Etienne Faure, Tête en bas

L’ins­tinct de contrariété

Poète spé­cia­liste de la vision et de l’art du déca­drage, Etienne Faure joue des varia­tions de focale et d’angle pro­pices à des rap­pro­che­ments inat­ten­dus, avec sou­vent une dis­tance dans la dis­tance en fin de poème.
Le théâtre de la langue, avec une constance iro­nique, accorde une atten­tion minu­tieuse aux gestes, aux façons de faire, aux expres­sions lar­ge­ment par­ta­gées tels des secrets exhi­bés en ses poèmes. Existe un équi­libre entre rap­pro­che­ment et éloi­gne­ment dans une écri­ture volon­tai­re­ment dérou­tante (à l’image de la figure qu’induit le titre) afin de créer des mises en pers­pec­tive d’un en-dehors ou d’un après-coup.

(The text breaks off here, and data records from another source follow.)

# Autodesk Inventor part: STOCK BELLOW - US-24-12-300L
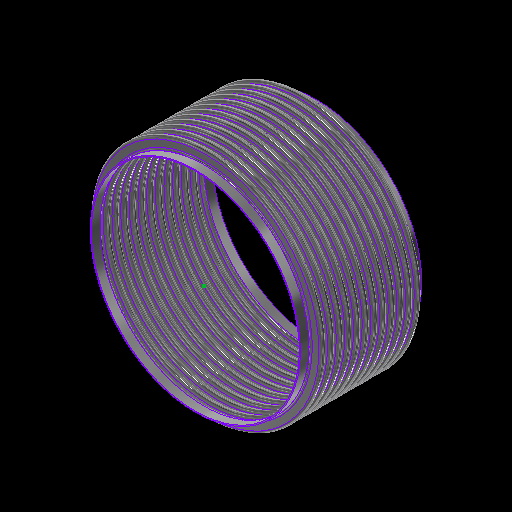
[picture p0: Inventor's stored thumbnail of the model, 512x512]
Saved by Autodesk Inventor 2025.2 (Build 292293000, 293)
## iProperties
Category: 16 GA (0.060 THICK)
RuleStatus: InUse
Created: 2024-01
Part Number: STOCK BELLOW - US-24-12-300L
Project: =STOCK BELLOWS: <Stock Number><SFILL>
Material: ASTM A240-304
Description: =STOCK BELLOWS: <Stock Number>, <SID_> I.D., <SOD_> O.D., <SPLY_> PLY, <Category>, <SNET_CONS> CONS.<PITCH_><STANGENT_> TANGENT<SFILL>
Document SubType Name: Sheet Metal
Designer: GS
Stock Number: U.S-24-12-300L
Surface Area: 40335 cm^2
Volume: 6093.4 cm^3
Sheet Metal Rule: Default
Appearance: STAINLESS STEEL
Mass: 49096.3 g
Density: 8.05729 g/cm^3
THK: 0.036
ID: 3.500
OD: 4.250
CONS_: 2
PITCH: 0.500
TANGENT: 0.500
BELLOWS_UPSET: 0.000
d79: 1.000
d82: 1.000
d83: 26.000
d84: 24.000
d174: 8
d214: 8
STHK_: 0.060
SID_: 24.000
SOD_: 26.750
SPITCH_: 1.000
STANGENT__: 1.000
SBELLOWS_UPSET_: 0.000
SDIFF_TAN: 1.000
d252: 2
d275: 2
d287: 0.050
d289: 0.500
d290: 0.000
SOD_NECK: 24 1/4
PLY: 1
PSET: 4.178
PBAR: 1.035
COUNTER: 1.500
NET_TUBE: 3.071
CONS: 2
S_CONS: 0
NET_CONS: 2
ID_M: 88.90 mm
OD_M: 107.95 mm
THK_M: 0.91 mm
ID_U: 3.500 in
OD_U: 4.250 in
THK_U: 0.036 in
TANGENT2: 0.500
TAN_TO_TAN: 1.000 in
d80: 2.571
d81: 10
SID: 2.375
SCONS_: 12
SPITCH: 0.250
STANGENT_: 1.000
SBELLOWS_UPSET: 0.000
SNET_CONS: 12
SS_CONS: 0
SCONS: 8
d190: 8
d191: 1
d192: 1
d193: 8
d194: 0
SIZE: 24.00
PRESSURE: 300
d230: 8
STANGENT: 4.000
SPLY_: 2
d233: 8
d234: 0
d263: 2
d265: 1
d268: 2
d269: 0
d286: 2
d288: 1
d291: 2
d292: 0
SREROLL: 0.750
BLETP: 1.000 ul
PRES_Copy: 85
MATTABLE: 20 GA (0.036 THICK)
PART_NUMBER: U.S-24-12-300L
PITCH_: =, <SPITCH_> PITCH,
CFILL: .
SFILL: .
MESH: ,
COMP: 2.41
EXT: 1.21
LAT: 0.35
ANG: 573
ASR: 6931
LSR: 46487
ANSR: 9736
PRES: 300
COMPM: 24.1
EXTM: 12.05
LATM: 3.50
ASRM: 1213.826
PRESM: 20.684
LSRM: 8141.268
ANSRM: 1705.066
TEMPMIN: 20
TEMPMAX: 800
TEMPMINM: -7
TEMPMAXM: 427
WEIGHTM: 49.096
WEIGHT: 108.239
Author: GS
Keywords: 20 GA (0.036 THICK)
Comments: =STOCK BELLOW - <STOCK NUMBER>
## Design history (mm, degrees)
sketch "Sketch2"
  geometry: L1 (0, -177.245)-(0, 562.856) reference; L2 (45.364, 0)-(44.45, 0); L3 (48.082, -2.718)-(50.343, -2.718); L4 (48.082, -3.632)-(50.343, -3.632); L5 (50.343, -9.982)-(48.082, -9.982); L6 (50.343, -9.068)-(48.082, -9.068); L7 (45.364, -12.7)-(44.45, -12.7); L8 (48.082, 0)-(48.082, -12.7); L9 (50.343, -6.35)-(53.975, -6.35); L10 (44.45, 0)-(44.45, -12.7); L11 (20.376, 102.841)-(20.376, 101.926); L12 (58.262, 457.127)-(58.262, 349.177); L13 (58.262, 444.427)-(58.262, 336.477); L14 (93.133, -58.817)-(93.133, -71.517); L15 (118.746, -66.401)-(118.746, -66.401); L16 (50.343, -9.068)-(50.343, -9.982); L17 (48.082, -9.068)-(48.082, -9.982); L18 (48.082, -9.525)-(50.343, -9.525); L19 (53.975, 0)-(53.975, -12.7); L20 (-50.343, -9.068)-(-50.343, -9.982); L21 (-50.343, -2.718)-(-48.082, -2.718); L22 (-50.343, -3.632)-(-48.082, -3.632); L23 (-48.082, -9.068)-(-50.343, -9.068); L24 (-50.343, -9.525)-(-48.082, -9.525); L25 (-48.082, -9.982)-(-50.343, -9.982); L26 (-48.082, -9.068)-(-48.082, -9.982); L27 (-44.45, 0.653)-(-44.45, -12.047); L28 (-48.082, -6.35)-(-44.45, -6.35); L29 (-50.343, 0.653)-(-50.343, -12.7); L30 (-53.061, 0)-(-53.975, 0); L31 (-53.975, 0)-(-53.975, -12.7); L32 (-53.061, -12.7)-(-53.975, -12.7); A1 r 2.718 centre (48.082, 0) between (45.364, 0) and (48.082, -2.718); A2 r 3.632 centre (48.082, 0) between (44.45, 0) and (48.082, -3.632); A3 r 3.632 centre (50.343, -6.35) between (50.343, -9.982) and (50.343, -2.718); A4 r 2.718 centre (50.343, -6.35) between (50.343, -9.068) and (50.343, -3.632); A5 r 2.718 centre (48.082, -12.7) between (48.082, -9.982) and (45.364, -12.7); A6 r 3.632 centre (48.082, -12.7) between (48.082, -9.068) and (44.45, -12.7); A7 r 3.175 centre (50.343, -6.35) between (50.343, -9.525) and (53.518, -6.35); A8 r 3.175 centre (48.082, -12.7) between (48.082, -9.525) and (44.907, -12.7); A9 r 2.718 centre (-50.343, -12.7) between (-50.343, -9.982) and (-53.061, -12.7); A10 r 2.718 centre (-48.082, -6.35) between (-48.082, -9.068) and (-48.082, -3.632); A11 r 3.175 centre (-48.082, -6.35) between (-48.082, -9.525) and (-44.907, -6.35); A12 r 3.632 centre (-48.082, -6.35) between (-48.082, -9.982) and (-48.082, -2.718); A13 r 3.175 centre (-50.343, -12.7) between (-50.343, -9.525) and (-53.518, -12.7); A14 r 3.632 centre (-50.343, -12.7) between (-50.343, -9.068) and (-53.975, -12.7); A15 r 2.718 centre (-50.343, 0) between (-53.061, 0) and (-50.343, -2.718); A16 r 3.632 centre (-50.343, 0) between (-53.975, 0) and (-50.343, -3.632); 10 further points
  constraints: 62 end point, 38 point on circle, 20 tangent, 16 centre point, 12 parallel, 9 midpoint, 7 vertical, 6 coincident, 6 concentric, 6 point on line, 4 equal radius, 4 perpendicular, 3 horizontal, 1 collinear, 1 horizontal alignment, 10 other
  dimensions: "THK" = 0.9144 distance of L11.start L11.end; "ID" = 88.9 distance of L11.end point (20.376, 13.026); "OD" = 107.95 distance of L12.start L12.end; "PITCH" = 12.7 distance of L12.start L13.start; "TANGENT" = 12.7 distance of L14.start L14.end; "BELLOWS_UPSET" = 0 distance of L15.start L15.end; "d43" = 88.9 diameter of L10 L1 (= ID); "d44" = 107.95 diameter of L9.end L1 (= OD); "d45" = 0.9144 distance between parallel lines of L5 L6 (computed from THK, PLY); "d46" = 3.6322 radius of A3 (computed from PITCH, THK, PLY); "UPSET_PITCH" = 12.7 distance of L2.end L7.end (derived); "SIDEWALL_ANGLE" = 360 deg dimension on L3 L9 (derived); "CON_GAP" = 5.4356 distance of point (48.082, -9.068) point (48.082, -3.632) (derived); "TAN1" = 4.98728 dimension on A8 (derived); "TAN2" = 4.98728 dimension on A7 (derived); "LEG1" = 2.2606 distance of L18.start L18.end (derived); "d278" = 0.9144 distance between parallel lines of L25 L23 (derived); "d279" = 3.6322 radius of A12 (derived); "d280" = 12.7 distance of L30.end L31.end (derived); "d281" = 360 deg dimension on L21 L28 (derived); "d282" = 5.4356 distance of point (-50.343, -9.068) point (-50.343, -3.632) (derived); "d283" = 4.98728 dimension on A13 (derived); "d284" = 4.98728 dimension on A11 (derived); "d285" = 2.2606 distance of L24.start L24.end (derived); "d293" = 88.9 diameter of L27 L1 (derived); "d294" = 107.95 diameter of L31 L1 (derived)
  node "Sketch Rectangular Pattern1" dims "d31" = 25.4, "ID" = 88.9
  node "Sketch Rectangular Pattern2" dims "d39" = 25.4, "PITCH" = 12.7
revolve "CONS" stored, may be unused: angle "d48" = 90 deg
node "BELLOW MIDPLANE"
pattern_linear "Rectangular Pattern2" dims "d52" = 12.7 (= UPSET_PITCH)
sketch "Sketch5"
  geometry: C1 r 45.364 at (0, 0) reference; C2 r 44.45 at (0, 0) reference
extrude "TANGENT" new body sketch "Sketch5" distance "d53" = 12.7 (= TANGENT); taper "d54" = 0 deg
revolve "SAMETAN" stored, may be unused: angle "d65" = 90 deg
revolve "DIFFTAN" stored, may be unused: angle "d70" = 90 deg
sketch "Sketch9"
  geometry: L1 (53.319, 0)-(-53.319, 0) reference; L2 (0, -17.78)-(0, 17.78) reference; L3 (38.085, 0)-(-38.085, 0); L4 (38.085, -11.906)-(38.085, 11.906); L5 (25.385, -11.906)-(25.385, 11.906); L6 (13.15, 11.906)-(13.15, -11.906); L7 (-25.385, -11.906)-(-25.385, 11.906); L8 (-38.085, -11.906)-(-38.085, 11.906); L9 (37.291, -11.906)-(37.291, 11.906); L10 (38.085, -11.906)-(37.291, -11.906); L11 (38.085, 11.906)-(37.291, 11.906); L12 (13.546, 11.906)-(12.753, 11.906); L13 (12.753, 11.906)-(12.753, -11.906); L14 (12.753, -11.906)-(13.546, -11.906); L15 (13.546, -11.906)-(13.546, 11.906); L16 (-13.546, 11.906)-(-13.546, -11.906); L17 (-13.15, 11.906)-(-13.15, -11.906); L18 (-13.546, -11.906)-(-12.753, -11.906); L19 (-12.753, -11.906)-(-12.753, 11.906); L20 (-12.753, 11.906)-(-13.546, 11.906); L21 (-38.085, -11.906)-(-37.291, -11.906); L22 (-37.291, -11.906)-(-37.291, 11.906); L23 (-37.291, 11.906)-(-38.085, 11.906); L24 (-38.085, 11.906)-(-38.085, -11.906); L25 (38.085, -0.397)-(-38.085, -0.397); L26 (-38.085, -0.397)-(-38.085, 0.397); L27 (-38.085, 0.397)-(38.085, 0.397); L28 (38.085, 0.397)-(38.085, -0.397); L29 (-38.085, 11.906)-(38.085, 11.906); L30 (38.085, 11.906)-(38.085, 12.7); L31 (38.085, 12.7)-(-38.085, 12.7); L32 (-38.085, 12.7)-(-38.085, 11.906); L33 (38.085, -11.906)-(-38.085, -11.906); L34 (-38.085, -11.906)-(-38.085, -12.7); L35 (-38.085, -12.7)-(38.085, -12.7); L36 (38.085, -12.7)-(38.085, -11.906); 30 further points
  constraints: 68 end point, 13 midpoint, 13 parallel, 8 horizontal, 7 perpendicular, 6 equal length, 3 point on line, 2 vertical, 14 other
  dimensions: "d115" = 23.8125 distance of L4.start L4.end (derived); "d116" = 12.7 distance between parallel lines of L4 L5 (derived); "d117" = 12.23516 distance between parallel lines of L5 L6 (derived); "d125" = 38.53427 distance between parallel lines of L7 L6 (derived); "d127" = 12.7 distance between parallel lines of L8 L7 (derived); "d128" = 24.93516 distance between parallel lines of L6 L4 (derived); "d130" = 76.16943 distance between parallel lines of L8 L4 (derived); "RULER_THK" = 0.79375 distance between parallel lines of L4 L9; "d135" = 0.79375 distance of L13.end L14.end (derived); "d138" = 26.29911 distance of L13.end L16.end (derived); "d143" = 0.79375 distance of L22.end L8.end (derived); "d144" = 0.79375 distance between parallel lines of L27 L25 (derived)
extrude "RULER" join sketch "Sketch9" distance "d149" = 0.79375 (derived); taper "d150" = 0 deg
extrude "BARS" join sketch "Sketch9" distance "d151" = 0.79375 (derived); taper "d152" = 0 deg
pattern_linear "Rectangular Pattern4" dims "d155" = 26.29911 (derived)
sketch "Sketch13"
  geometry: L1 (93.149, -52.467)-(93.149, -77.867); L2 (307.848, 0)-(304.8, 0); L3 (307.848, -25.4)-(304.8, -25.4); L4 (331.851, -20.574)-(312.674, -20.574); L5 (331.851, -17.526)-(312.674, -17.526); L6 (331.851, -12.7)-(339.725, -12.7); L7 (312.674, -4.826)-(331.851, -4.826); L8 (312.674, 0)-(312.674, -25.4); L9 (304.8, 0)-(304.8, -25.4); L10 (58.254, 183.019)-(58.254, -496.431); L11 (58.254, 157.619)-(58.254, -521.831); L12 (58.254, 106.819)-(58.254, -572.631); L13 (58.254, 81.419)-(58.254, -598.031); L14 (58.254, 56.019)-(58.254, -623.431); L15 (58.254, 30.619)-(58.254, -648.831); L16 (58.254, 5.219)-(58.254, -674.231); L17 (58.254, 132.219)-(58.254, -547.231); L18 (20.376, 103.45)-(20.376, 101.926); L19 (312.674, -7.874)-(331.851, -7.874); L20 (0, -845.681)-(0, 354.469) reference; L21 (-67.945, 0)-(407.67, 0) reference; A1 r 4.826 centre (312.674, 0) between (307.848, 0) and (312.674, -4.826); A2 r 4.826 centre (312.674, -25.4) between (312.674, -20.574) and (307.848, -25.4); A3 r 7.874 centre (312.674, -25.4) between (312.674, -17.526) and (304.8, -25.4); A4 r 4.826 centre (331.851, -12.7) between (331.851, -17.526) and (331.851, -7.874); A5 r 7.874 centre (331.851, -12.7) between (331.851, -20.574) and (331.851, -4.826); A6 r 7.874 centre (312.674, 0) between (304.8, 0) and (312.674, -7.874); 6 further points; 1 other entity
  constraints: 38 end point, 15 point on circle, 9 tangent, 6 centre point, 6 parallel, 5 vertical alignment, 4 point on line, 4 vertical, 3 coincident, 3 concentric, 2 collinear, 2 equal radius, 1 horizontal, 1 perpendicular, 23 other
  dimensions: "SBELLOWS_UPSET_" = 0 distance of point (118.762, -66.401) point (118.762, -66.401); "STOTAL_THK_BELLOW__" = 3.048 distance between parallel lines of L4 L5 (derived); "d224" = 7.874 radius of A5 (derived); "d225" = 25.4 distance of L2.end L3.end (derived); "SSIDEWALL_ANGLE_" = 360 deg dimension on L7 L6 (derived); "SSCON_GAP_" = 9.652 distance of point (312.674, -17.526) point (312.674, -7.874) (derived); "d235" = 609.6 diameter of L9 L20 (derived); "d236" = 679.45 diameter of L6.end L20 (derived)
  node "Sketch Rectangular Pattern4" dims "d228" = 25.4
  node "Sketch Rectangular Pattern5" dims "d229" = 25.4
revolve "SBELLOW" stored, may be unused: angle "d197" = 90 deg
pattern_linear "Rectangular Pattern5" dims "d204" = 25.4 (derived)
revolve "STANGENT" stored, may be unused: angle "d240" = 90 deg
revolve "SSAMETAN" stored, may be unused: angle "d241" = 90 deg
revolve "SDIFFTAN" stored, may be unused: angle "d246" = 90 deg
revolve "INVCON" stored, may be unused: angle "d295" = 90 deg
pattern_linear "Rectangular Pattern6" dims "d298" = 12.7 (derived)
revolve "INVTANGENT" stored, may be unused: angle "d302" = 90 deg
revolve "INVSAMETAN" stored, may be unused: angle "d307" = 90 deg
revolve "INVDIFFTAN" stored, may be unused: angle "d312" = 90 deg
sketch "ID BELLOW MOUNT CALC"
  geometry: L1 (44.45, 0)-(38.1, 0); L2 (38.1, 0)-(38.1, 12.7); L3 (38.1, 12.7)-(44.45, 12.7); L4 (44.45, 12.7)-(44.45, 0); L5 (36.513, 12.7)-(35.598, 12.7); L6 (35.598, 12.7)-(35.598, 0); L7 (35.598, 0)-(36.513, 0); L8 (36.513, 0)-(36.513, 12.7); L9 (0, -2.54)-(0, 15.24) reference; L10 (-8.89, 0)-(53.34, 0) reference; 1 further point
  constraints: 16 end point, 5 parallel, 2 collinear, 2 horizontal, 2 perpendicular
  dimensions: "d314" = 12.7 distance of L5.end L6.end (derived); "d315" = 0.9144 distance of L5.start L5.end (derived); "IG" = 1.5875 distance between parallel lines of L2 L8; "PIPE_OD" = 88.9 diameter of L4 L9; "PIPE_WALL" = 6.35 distance of L2.end L3.end; "ID_MT_BELLOW" = 71.1962 diameter of L6 L9 (derived)
revolve "CFILL" stored, may be unused: angle "d320" = 90 deg
pattern_linear "Rectangular Pattern7" dims "d323" = 12.7 (derived)
revolve "SFILL" stored, may be unused: angle "d324" = 90 deg
pattern_linear "Rectangular Pattern8" dims "d327" = 25.4 (derived)
node "STOCK BELLOW MIDPLANE"
node "BELLOW"
sketch "Sketch6"
  geometry: L1 (-12.7, 45.364)-(0, 45.364); L2 (0, 45.364)-(0, 44.45); L3 (0, 44.45)-(-12.7, 44.45); L4 (-12.7, 44.45)-(-12.7, 45.364); L5 (10.16, 0)-(-60.96, 0) reference; L6 (-38.1, -89.422)-(-38.1, 153.44) reference; 1 further point
  constraints: 8 end point, 2 parallel, 1 horizontal, 1 perpendicular
  dimensions: "d61" = 12.7 distance of L2.end L3.end (derived); "d62" = 0.9144 distance of L1.end L2.end (derived); "d63" = 88.9 diameter of L3 L5 (derived); "d64" = 25.4 distance between parallel lines of L4 L6 (derived)
sketch "Sketch12"
  geometry: 1 further point
sketch "Sketch14"
  geometry: L1 (-25.4, 307.848)-(0, 307.848); L2 (0, 307.848)-(0, 304.8); L3 (0, 304.8)-(-25.4, 304.8); L4 (-25.4, 304.8)-(-25.4, 307.848); L5 (5.08, 0)-(-30.48, 0) reference; L6 (0, -61.57)-(0, 369.418) reference; 1 further point
  constraints: 8 end point, 2 parallel, 1 collinear, 1 horizontal, 1 perpendicular
  dimensions: "d237" = 3.048 distance of L3.end L1.start (derived); "d238" = 609.6 diameter of L3 L5 (derived); "d239" = 25.4 distance of L1.start L1.end (derived); "SOD_NECK" = 615.696 diameter of L1 L5 (derived)
sketch "Sketch15"
  geometry: L1 (-61.57, 0)-(369.418, 0) reference; L2 (304.8, -304.8)-(307.848, -304.8); L3 (307.848, -304.8)-(307.848, -330.2); L4 (307.848, -330.2)-(304.8, -330.2); L5 (304.8, -330.2)-(304.8, -304.8); L6 (0, -398.78)-(0, 81.28) reference; 1 further point
  constraints: 8 end point, 2 parallel, 1 horizontal, 1 perpendicular
  dimensions: "d205" = 25.4 distance of L4.end L2.start (derived); "d206" = 3.048 distance of L3.end L4.end (derived); "d207" = 609.6 diameter of L5 L6 (derived); "d208" = 304.8 distance between parallel lines of L1 L2 (derived)
node "TANGENT_"
node "SAME_TAN"
sketch "Sketch8"
  geometry: L1 (45.364, -25.4)-(44.45, -25.4); L2 (44.45, -25.4)-(44.45, -38.1); L3 (44.45, -38.1)-(45.364, -38.1); L4 (45.364, -38.1)-(45.364, -25.4); L5 (0, -48.26)-(0, 22.86) reference; L6 (-89.422, 0)-(153.44, 0) reference; 1 further point
  constraints: 8 end point, 2 parallel, 1 horizontal, 1 perpendicular
  dimensions: "d66" = 88.9 diameter of L2 L5 (derived); "TOTAL_THK_BELLOW" = 0.9144 distance of L2.end L3.end (derived); "d68" = 25.4 distance between parallel lines of L1 L6 (derived); "d69" = 12.7 distance of L1.end L2.end (derived)
node "DIFF_TAN"
node "Sketch Rectangular Pattern3" dims "d138" = 26.29911 (derived), "d141" = 25.4
node "SBELLOW_"
node "STANGENT_"
node "SSAME_TAN"
sketch "Sketch16"
  geometry: L1 (307.848, -304.8)-(304.8, -304.8); L2 (304.8, -304.8)-(304.8, -330.2); L3 (304.8, -330.2)-(307.848, -330.2); L4 (307.848, -330.2)-(307.848, -304.8); L5 (0, -398.78)-(0, 81.28) reference; L6 (-61.57, 0)-(369.418, 0) reference; 1 further point
  constraints: 8 end point, 2 parallel, 1 horizontal, 1 perpendicular
  dimensions: "SDIFF_TAN" = 25.4 distance of L3.end L1.start; "d243" = 3.048 distance of L2.end L3.end (derived); "d244" = 304.8 distance between parallel lines of L1 L6 (derived); "d245" = 609.6 diameter of L2 L5 (derived)
node "SDIFF_TAN"
body "Solid15"
sketch "Sketch17"
  geometry: L1 (53.975, 12.7)-(53.061, 12.7); L2 (53.061, 12.7)-(53.061, 0); L3 (53.061, 0)-(53.975, 0); L4 (53.975, 0)-(53.975, 12.7); L5 (0, -2.54)-(0, 15.24) reference; L6 (-10.795, 0)-(64.77, 0) reference; 2 further points
  constraints: 8 end point, 2 parallel, 1 horizontal, 1 midpoint, 1 perpendicular, 1 point on line
  dimensions: "INVTANGENT" = 12.7 distance of L3.end L1.start (derived); "d300" = 0.9144 distance of L1.start L1.end (derived); "d301" = 107.95 diameter of L4 L5 (derived)
body "Solid16"
sketch "Sketch18"
  geometry: L1 (53.975, -25.4)-(53.061, -25.4); L2 (53.061, -25.4)-(53.061, -38.1); L3 (53.061, -38.1)-(53.975, -38.1); L4 (53.975, -38.1)-(53.975, -25.4); L5 (-10.795, 0)-(64.77, 0) reference; L6 (0, -48.26)-(0, 22.86) reference; 1 further point
  constraints: 8 end point, 2 parallel, 1 horizontal, 1 perpendicular
  dimensions: "d303" = 25.4 distance between parallel lines of L1 L5 (derived); "d304" = 12.7 distance of L3.end L1.start (derived); "d305" = 0.9144 distance of L2.end L3.end (derived); "d306" = 107.95 diameter of L4 L6 (derived)
body "Solid17"
sketch "Sketch19"
  geometry: L1 (53.975, -25.4)-(53.061, -25.4); L2 (53.061, -25.4)-(53.061, -38.1); L3 (53.061, -38.1)-(53.975, -38.1); L4 (53.975, -38.1)-(53.975, -25.4); L5 (0, -48.26)-(0, 22.86) reference; L6 (-10.795, 0)-(64.77, 0) reference; 1 further point
  constraints: 8 end point, 2 parallel, 1 horizontal, 1 perpendicular
  dimensions: "d308" = 12.7 distance of L1.end L2.end (derived); "d309" = 107.95 diameter of L4 L5 (derived); "d310" = 0.9144 distance of L2.end L3.end (derived); "d311" = 25.4 distance between parallel lines of L1 L6 (derived)
body "Solid18"
body "Solid19"
body "Solid20"
other parameters: "BMPL" = -152.4, "PSET" = 106.1212 (computed from OD, THK, PLY) [user parameter], "PBAR" = 26.29911 (= 0.570796 x PITCH + OD - ID) [user parameter; used in 1 equation term], "COUNTER" = 15 [user parameter], "NET_TUBE" = 77.99823 (computed from CONS_, PBAR, TANGENT) [user parameter], "S_CONS" = 0 [user parameter; used in 1 equation term], "ID_M" = 88.9 (= ID) [user parameter], "OD_M" = 107.95 (= OD) [user parameter], "THK_M" = 0.9144 (= THK) [user parameter], "ID_U" = 88.9 (= ID) [user parameter], "OD_U" = 107.95 (= OD) [user parameter], "THK_U" = 0.9144 (= THK) [user parameter], "D_UNITS" = 0 [user parameter], "TANGENT2" = 12.7 [user parameter], "TAN_TO_TAN" = 25.4 [user parameter], "OD_NECK" = 90.7288 [user parameter], "d79" = 25.4, "d80" = 65.29823 [user parameter], "d82" = 25.4, "d83" = 660.4, "d84" = 609.6, "sa_0" = 4, "FRAME_THK" = 0.79375 [user parameter], "CON_FLAT" = 12.23516 [user parameter], "SID" = 60.325 [user parameter], "SPITCH" = 6.35 [user parameter], "STANGENT_" = 25.4 [user parameter], "SBELLOWS_UPSET" = 0 [user parameter], "SS_CONS" = 0 [user parameter], "STAN_TO_TAN_" = 304.8 [user parameter], "d100" = 3.048 [user parameter], "d191" = 25.4 [user parameter], "d194" = 0 [user parameter], "STANGENT" = 101.6 [user parameter], "d234" = 0 [user parameter], "SUPSET_PITCH_" = 25.4 [user parameter], "d269" = 0 [user parameter], "d287" = 1.27, "d289" = 12.7, "d290" = 0, "d292" = 0 [user parameter], "Thickness" = 3.048 (derived), "KFactor" = 4.4, "BendRadius" = 3.048 (derived), "BendReliefWidth" = 3.048 (derived), "BendReliefDepth" = 1.524 (derived), "CornerReliefSize" = 12.192 (derived), "SeamGap" = 0.00508, "MinimumRemnant" = 6.096 (derived), "TransitionRadius" = 3.048 (derived), "JacobiRadiusSize" = 3.048 (derived), "GapSize" = 3.048 (derived), "SREROLL" = 19.05 [user parameter], "CUR_STK_PITCH" = 25.4 [user parameter], "d328" = -152.4 (derived), "ASR" = 69310 [user parameter], "LSR" = 464870 [user parameter], "ANSR" = 97360 [user parameter], "BLETP" = 1 [user parameter], "ASRM" = 12138.2603 [user parameter], "PRESM" = 206.83949 [user parameter], "LSRM" = 81412.6831 [user parameter], "ANSRM" = 17050.6568 [user parameter], "TEMPMIN" = 2664.83333 [user parameter], "TEMPMAX" = 6998.16667 [user parameter], "TEMPMINM" = 2664.83333 [user parameter], "TEMPMAXM" = 6998.16667 [user parameter], "WEIGHT" = 490.96309 [user parameter], "WEIGHTM" = 0.49096 [user parameter]

Une telle pos­ture crée des motifs incer­tains « même lorsque l’amour dans la marge à la ver­ti­cale, tisse fina­le­ment par-dessus les phrases » de l’inextricable ren­ver­sant for­cé­ment lorsque la boîte crâ­nienne « com­po­sée d’os, de cer­velle et de nerfs secoue ses sou­ve­nirs mêlés ». La tête ainsi « levée » prend une réso­nance par­ti­cu­lière en un coup lancé à elle-même.
Mais c’est une manière d’alléger la gra­vité et d’éloigner le pathos par ins­tinct de contra­riété en sor­tant le poème de toute solen­nité. Le rire et une « ivresse de la beauté » teintent ce qui nous pend tous au nez : la mort que l’on se donne ou qui nous est donnée.

jean-paul gavard-perret

Etienne Faure, Tête en bas, Gal­li­mard, coll. Blanche,  2018.